• **ABOUT THIS TASK**:
Print exactly the lines that run from the opening line of the material through the line with "[diagram p1: Supply]", and nothing else, leaving out pictures.

== DATA PROVIDED

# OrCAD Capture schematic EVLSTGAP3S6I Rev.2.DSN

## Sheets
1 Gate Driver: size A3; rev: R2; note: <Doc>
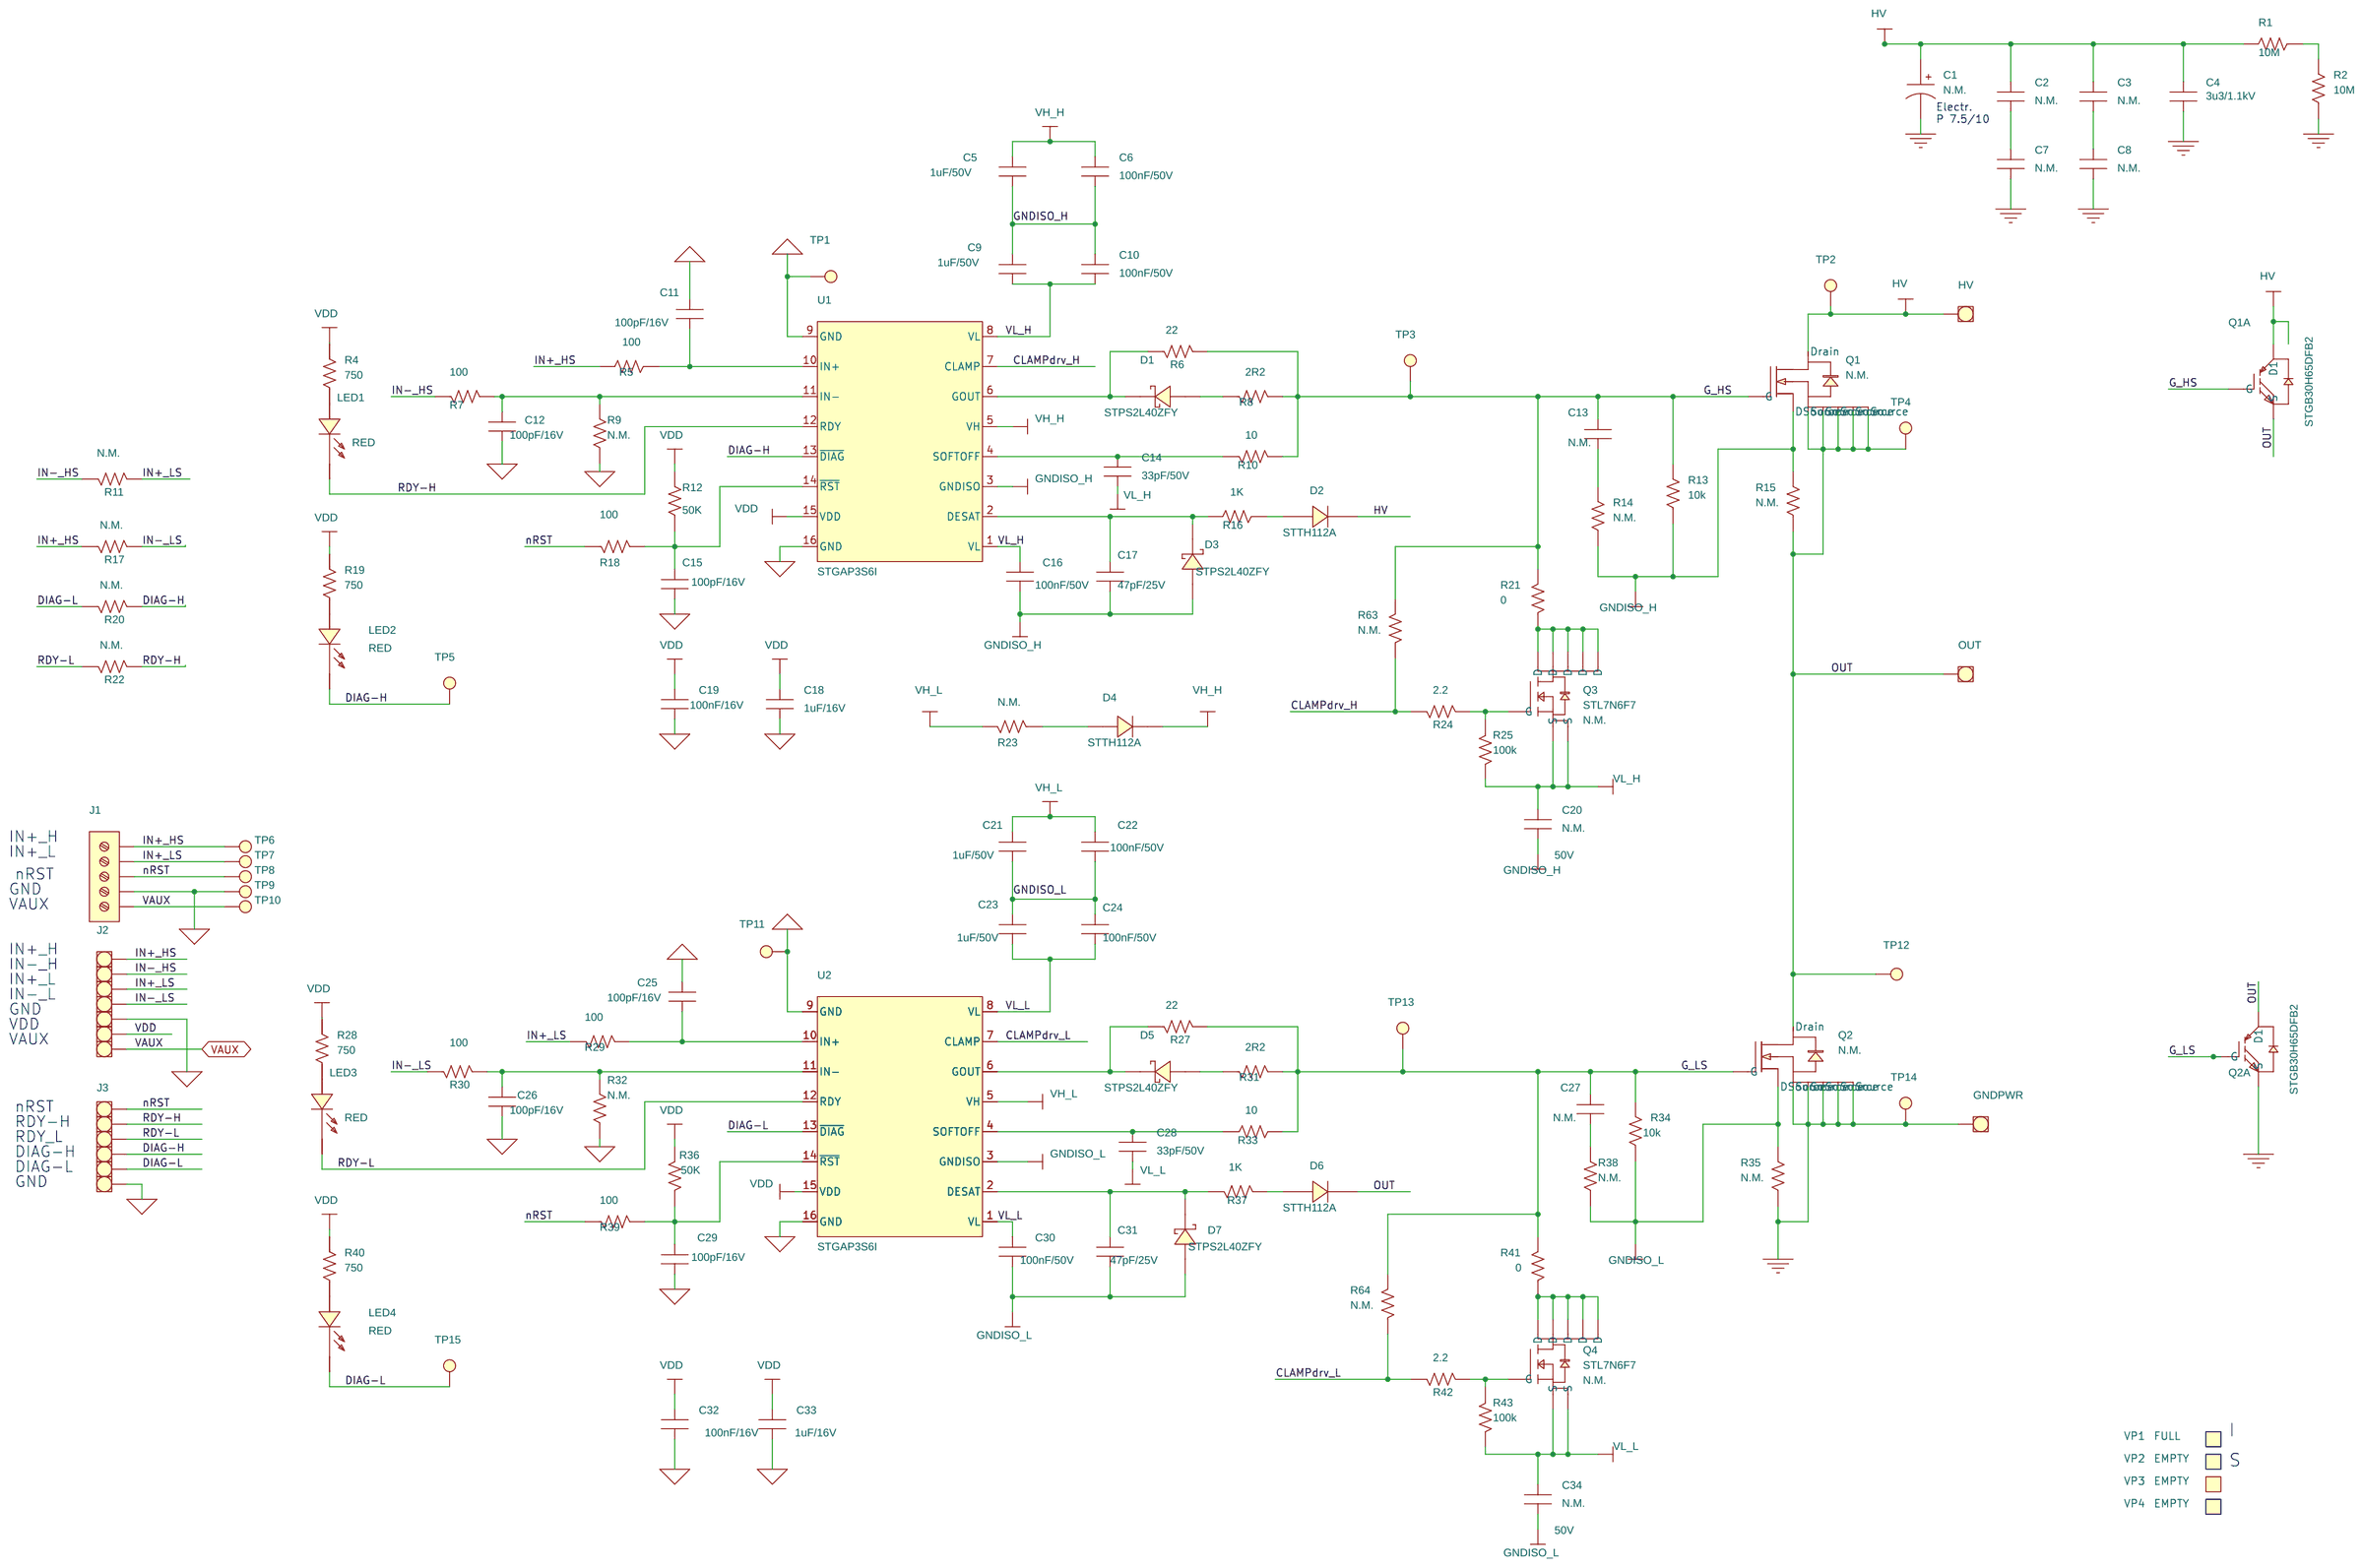
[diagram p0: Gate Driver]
2 Supply: size A4
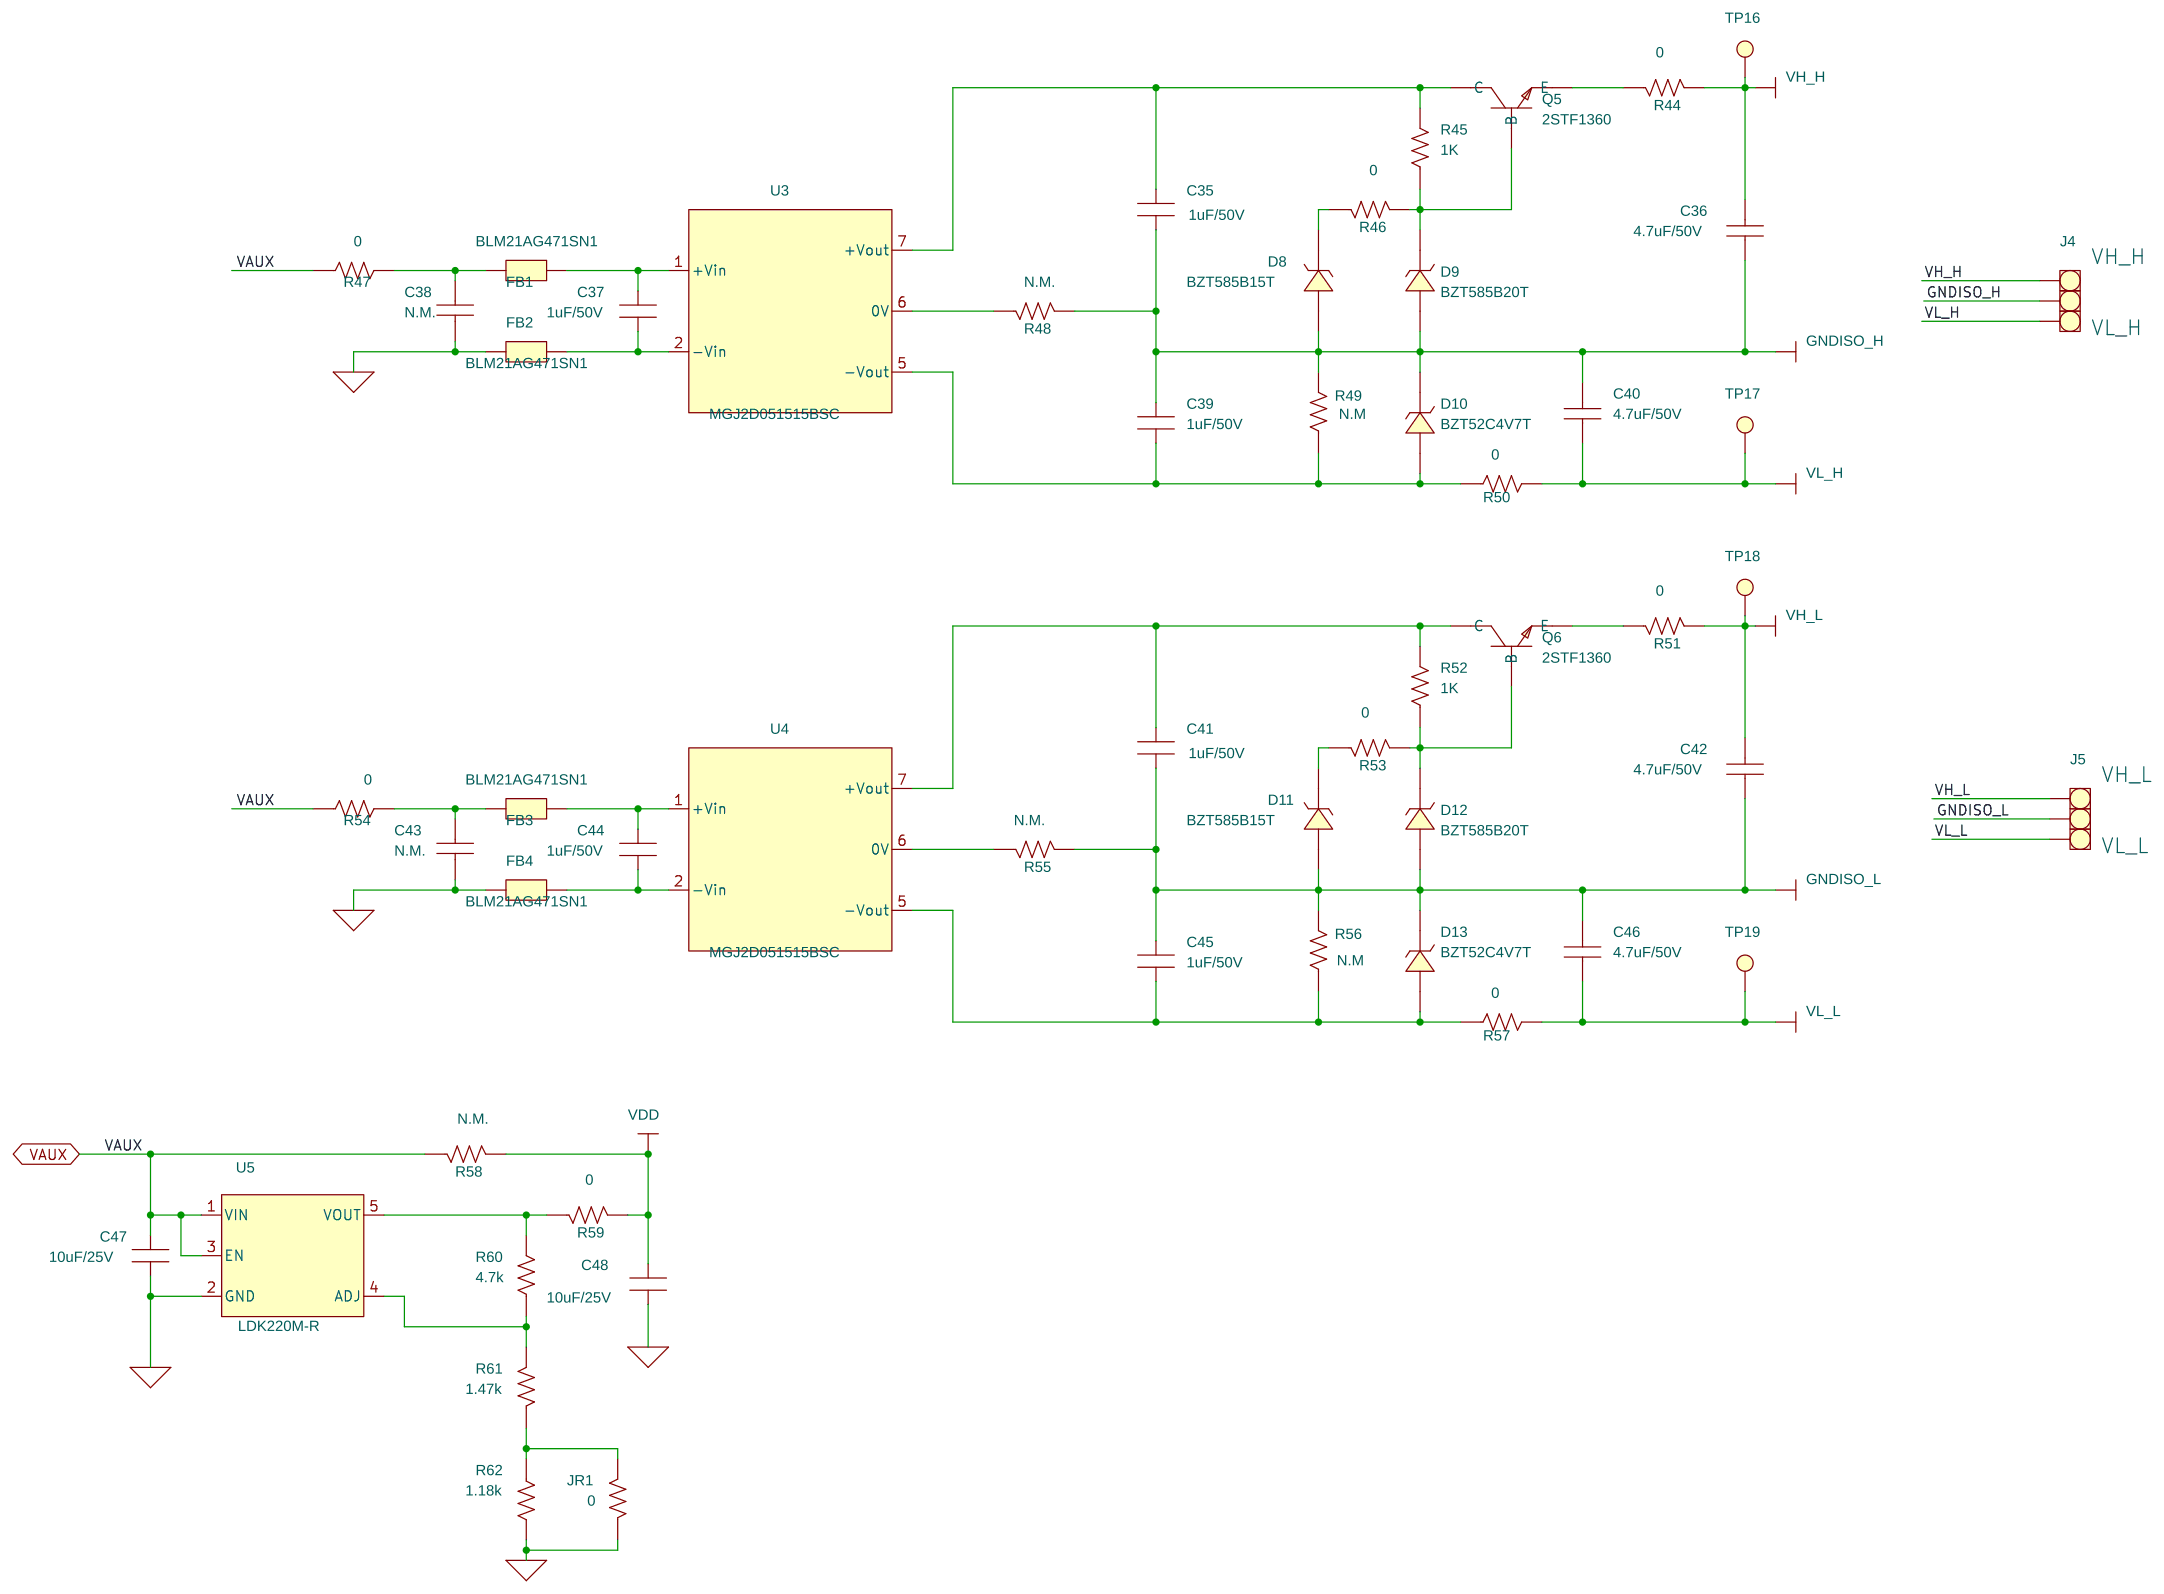
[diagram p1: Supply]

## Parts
sheet Gate Driver
C1  N.M.  [CAPE-R22H50-P100]
C2  N.M.  [C2225]
C3  N.M.  [C2225]
C4  3u3/1.1kV  [CAP-RAD-16X31_5H29_5P27_5]
C5  1uF/50V  [C0603]
C6  100nF/50V  [C0603]
C7  N.M.  [C2225]
C8  N.M.  [C2225]
C9  1uF/50V  [C0603]
C10  100nF/50V  [C0603]
C11  100pF/16V  [C0603]
C12  100pF/16V  [C0603]
C13  N.M.  [C0603]
C14  33pF/50V  [C0402]
C15  100pF/16V  [C0603]
C16  100nF/50V  [C0603]
C17  47pF/25V  [C0603]
C18  1uF/16V  [C0603]
C19  100nF/16V  [C0603]
C20  N.M.  [C0603]
C21  1uF/50V  [C0603]
C22  100nF/50V  [C0603]
C23  1uF/50V  [C0603]
C24  100nF/50V  [C0603]
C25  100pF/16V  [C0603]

====

• **RESULT OF THE TASK**:
# OrCAD Capture schematic EVLSTGAP3S6I Rev.2.DSN

## Sheets
1 Gate Driver: size A3; rev: R2; note: <Doc>
[diagram p0: Gate Driver]
2 Supply: size A4
[diagram p1: Supply]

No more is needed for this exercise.